2020年のプロ野球がようやく開幕。新型コロナウイルス対策のために、無観客試合でのスタートとなる。これまでに経験したことがない……と言われがちだが、かつてのパシフィック・リーグの試合では、球場の客席がガラガラ、ほぼ無観客状態も当たり前だった。
数少ない観客の目に、選手たちのプレーはどう映っていたのか。1970年代のパ・リーグを熱烈に応援した大阪の料理人・神田川俊郎氏(81)が語る。
「南海ホークスのノムさん(故・野村克也氏)と親しくさせてもらっていたので、大阪球場によく行きました。ミナミのど真ん中の狭い敷地内にあったスタンドが急勾配のすり鉢球場で、キャッチャーミットに入ったボールの音が響いて迫力がありました。

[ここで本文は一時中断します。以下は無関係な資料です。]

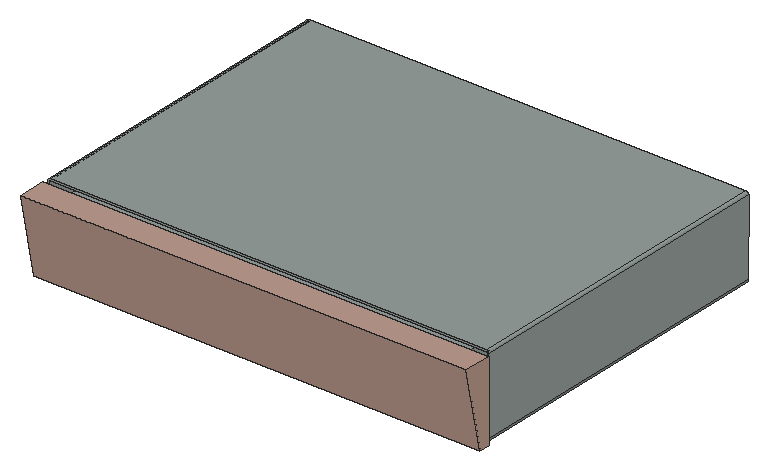
Revit family "Storage-Teknion-CAMD_Mini_Drawer_Undermount_Add_On-2021", category Furniture, Revit 2021
Family settings
  OmniClass Number = 23.40.20.00
  OmniClass Title = General Furniture and Specialties
  Work Plane-Based = No
  Always vertical = Yes
  Cut with Voids When Loaded = No
  Shared = Yes
  Room Calculation Point = No
Parameters (values of type "Standard Mini Drawer")
  Warranty = "http://www.teknion.com/ca/papers/legal-canada"
  Unit Weight URL = "http://www.teknion.com/ca/tools/assets#&asset=bee6a381-b954-425e-8283-5a2de3a804f2,f828d448-4b62-4231-9e5f-9a8991c0ed77"
  URL = "www.teknion.com"
  To render please download texture images found here [instance] = "https://assets.teknion.com/web/5e81352c1dfdb467/revit-material-swatches/"
  Sustainability Data = "https://www.teknion.com/ca/tools/assets#&topic=216f99a5-57a0-44fc-b10a-9dee9b29ae4c&asset=444deb64-fe58-4b68-981e-f75e97781df7,b4ff2d81-9f2e-437d-9659-7cffb09c31cf"
  Standard Mni Drawer = not(Cork Divider Insert)  # yes
  Series = "Chronicle "  # constant formula
  Product Page URL = "https://www.teknion.com/ca/pricing-module/chronicle-specifying"
  Product Line = "Chronicle "  # constant formula
  Product Documentation Link = "https://www.teknion.com/pricing/chronicle/pdfs/Accessories_Electrical_ppg.pdf"
  Part Number = "CAMD"  # constant formula
  Model = "CAMDS"
  Manufacturer Phone = "416-661-3370"  # constant formula
  Manufacturer Fax = "416.661.4586"  # constant formula
  Manufacturer Contact Information = "http://www.teknion.com/ca/contactus"
  Manufacturer Address = "1150 Flint Road, Toronto, ON. M3J 2J5. Canada"  # constant formula
  Manufacturer = "Teknion"  # constant formula
  How To Use Teknion Materials User Guide [instance] = "https://assets.teknion.com/m/205dd0a49fa58060/original/How-to-add-a-Material-Library-and-Texture-Images-to-your-Revit-project.pdf"
  For Additional Finishes please visit [instance] = "https://assets.teknion.com/m/44a8009b046e5d47/original/Teknion_Materials_Library.zip"
  Drawer Front Finish [instance] = Veneer - Teknion - U4 - Oyster Walnut
  Description = "Mini Drawer, Undermount Add-On, Standard Configuration"
  Default Elevation = 0.000"
  Cork Divider Insert = no
  Assembly Code = "E2020200"
Types (3): name | Standard Mni Drawer | Model | Drawer Front Finish | Description | Cork Divider Insert
  (no name) | yes | "CAMDS" | Veneer - Teknion - U4 - Oyster Walnut | "Mini Drawer, Undermount Add-On, Standard Configuration" | no
  Standard Mini Drawer | yes | "CAMDS" | Veneer - Teknion - U4 - Oyster Walnut | "Mini Drawer, Undermount Add-On, Standard Configuration" | no
  Cork Divider Insert Mini Drawer | no | "CAMDC" | Veneer - Teknion - 5P - Flintwood - Poppy Seed | "Mini Drawer, Undermount Add-On, Cork Divider Insert Configuration" | yes
Reference planes (in)
  plane 1 "Center Front/Back": y = -144.54121
  plane 2: z = 0
  plane 3 "Center Left/Right": x = 150
  plane 4 "Left": x = 143.15788
  plane 5 "Right": x = 156.84212
  plane 6 "Back": y = -139.08241
  plane 7 "Front": y = -150
  plane 8 "Top": z = 28.00004
Forms (in)
  Sweep 1, solid, material "Veneer - Teknion - U4 - Oyster Walnut" <- "Drawer Front Finish"
    path origin (0, 0, 0) x (1, 0, 0) y (0, 1, 0)
      loop
        line (143.15788, -150) -> (156.84212, -150)
    profile origin (150, -150, 0) x (0, 1, 0) y (0, 0, 1)
      loop
        line (0, 27.92052) -> (0.52005, 25.4739) -> (0.85863, 25.4739) -> (0.85863, 27.92052) -> (0, 27.92052)
  Sweep 2, solid, material "Paint - Teknion - Accent - Blue Sage"
    path origin (0, 0, 0) x (1, 0, 0) y (0, 1, 0)
      loop
        line (150, -139.08241) -> (150, -149.02336)
    profile origin (150, -144.05288, 0) x (1, 0, 0) y (0, 0, 1)
      loop
        arc (-6.775, 25.58304) -> (-6.75215, 25.52789) -> (-6.697, 25.50504) r 0.078
        line (-6.697, 25.50504) -> (-6.15, 25.50504) -> (-6.15, 25.55304) -> (-6.697, 25.55304)
        arc (-6.697, 25.55304) -> (-6.71821, 25.56183) -> (-6.727, 25.58304) r 0.03
        line (-6.727, 25.58304) -> (-6.727, 27.92204)
        arc (-6.727, 27.92204) -> (-6.71821, 27.94325) -> (-6.697, 27.95204) r 0.03
        line (-6.697, 27.95204) -> (6.697, 27.95204)
        arc (6.697, 27.95204) -> (6.71821, 27.94325) -> (6.727, 27.92204) r 0.03
        line (6.727, 27.92204) -> (6.727, 25.58304)
        arc (6.727, 25.58304) -> (6.71821, 25.56183) -> (6.697, 25.55304) r 0.03
        line (6.697, 25.55304) -> (6.15, 25.55304) -> (6.15, 25.50504) -> (6.697, 25.50504)
        arc (6.697, 25.50504) -> (6.75215, 25.52789) -> (6.775, 25.58304) r 0.078
        line (6.775, 25.58304) -> (6.775, 27.92204)
        arc (6.775, 27.92204) -> (6.75215, 27.9772) -> (6.697, 28.00004) r 0.078
        line (6.697, 28.00004) -> (-6.697, 28.00004)
        arc (-6.697, 28.00004) -> (-6.75215, 27.9772) -> (-6.775, 27.92204) r 0.078
        line (-6.775, 27.92204) -> (-6.775, 25.58304)
  Sweep 3, solid, material "Paint - Teknion - Accent - Blue Sage"
    path origin (0, 0, 0) x (1, 0, 0) y (0, 1, 0)
      loop
        line (150, -139.14174) -> (150, -149.14137)
    profile origin (150, -144.14156, 0) x (1, 0, 0) y (0, 0, 1)
      loop
        line (-6.12112, 27.74752) -> (-6.12112, 25.7239) -> (6.12112, 25.7239) -> (6.12112, 27.74752) -> (-6.12112, 27.74752)
  Sweep 4, void
    path origin (0, 0, 0) x (1, 0, 0) y (0, 1, 0)
      loop
        line (150, -139.66537) -> (150, -148.61774)
    profile origin (150, -144.14156, 0) x (1, 0, 0) y (0, 0, 1)
      loop
        line (-5.5975, 27.74752) -> (-5.5975, 26.24752) -> (5.5975, 26.24752) -> (5.5975, 27.74752) -> (-5.5975, 27.74752)
  Sweep 5, solid, material "Paint - Teknion - Accent - Blue Sage", visible <- "Cork Divider Insert"
    path origin (0, 0, 0) x (1, 0, 0) y (0, 1, 0)
      loop
        line (144.4025, -144.54121) -> (155.5975, -144.54121)
    profile origin (150, -144.54121, 0) x (0, 1, 0) y (0, 0, 1)
      loop
        line (0.13784, 27.62252) -> (0.13784, 26.24752) -> (0.66146, 26.24752) -> (0.66146, 27.62252) -> (0.13784, 27.62252)
  Sweep 6, solid, material "Paint - Teknion - Accent - Blue Sage", visible <- "Cork Divider Insert"
    path origin (0, 0, 0) x (1, 0, 0) y (0, 1, 0)
      loop
        line (155.535, -144.54121) -> (144.465, -144.54121)
    profile origin (150, -144.54121, 0) x (0, -1, 0) y (0, 0, 1)
      loop
        line (4.01404, 27.12252) -> (0.01437, 27.12252) -> (0.01437, 26.24752) -> (4.01404, 26.24752) -> (4.01404, 27.12252)
  SweptBlend 7, void
    path origin (0, -144.54121, 0) x (1, 0, 0) y (0, 0, 1)
      loop
        line (150, 27.12252) -> (150, 26.65008)
    profile origin (150, -144.54121, 27.12252) x (0, -1, 0) y (1, 0, 0)
      loop
        arc (2.33496, -1.9383) -> (2.47638, -1.87972) -> (2.53496, -1.7383) r 0.2
        line (2.53496, -1.7383) -> (2.53496, 5.535) -> (0.01437, 5.535) -> (0.01437, -1.9383) -> (2.33496, -1.9383)
    end profile origin (150, -144.54121, 26.65008) x (0, -1, 0) y (1, 0, 0)
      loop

スタンドにお客さんがほとんどいないので、プレーの音がよく聞こえたことを覚えています。打球の音を聞けばスタンドインするか、フェンス前で失速するかわかったし、ミットの音でピッチャーの調子もわかりました。グラウンドの音を含めて観戦していた感じやね」
静寂に包まれた球場で、投手が「打てるものなら打ってみろ」と渾身の直球を投げ込み、打者がフルスイングで応える。野球を愛する観客が固唾をのみ、真剣勝負を見守る。それが“ほぼ無観客試合”の醍醐味だったのかもしれない。当然、ファンの目は肥える。
1970年に南海に入団し、1992年に44歳で引退するまで、パ・リーグ一筋でスラッガーとして活躍した門田博光氏(72)が振り返る。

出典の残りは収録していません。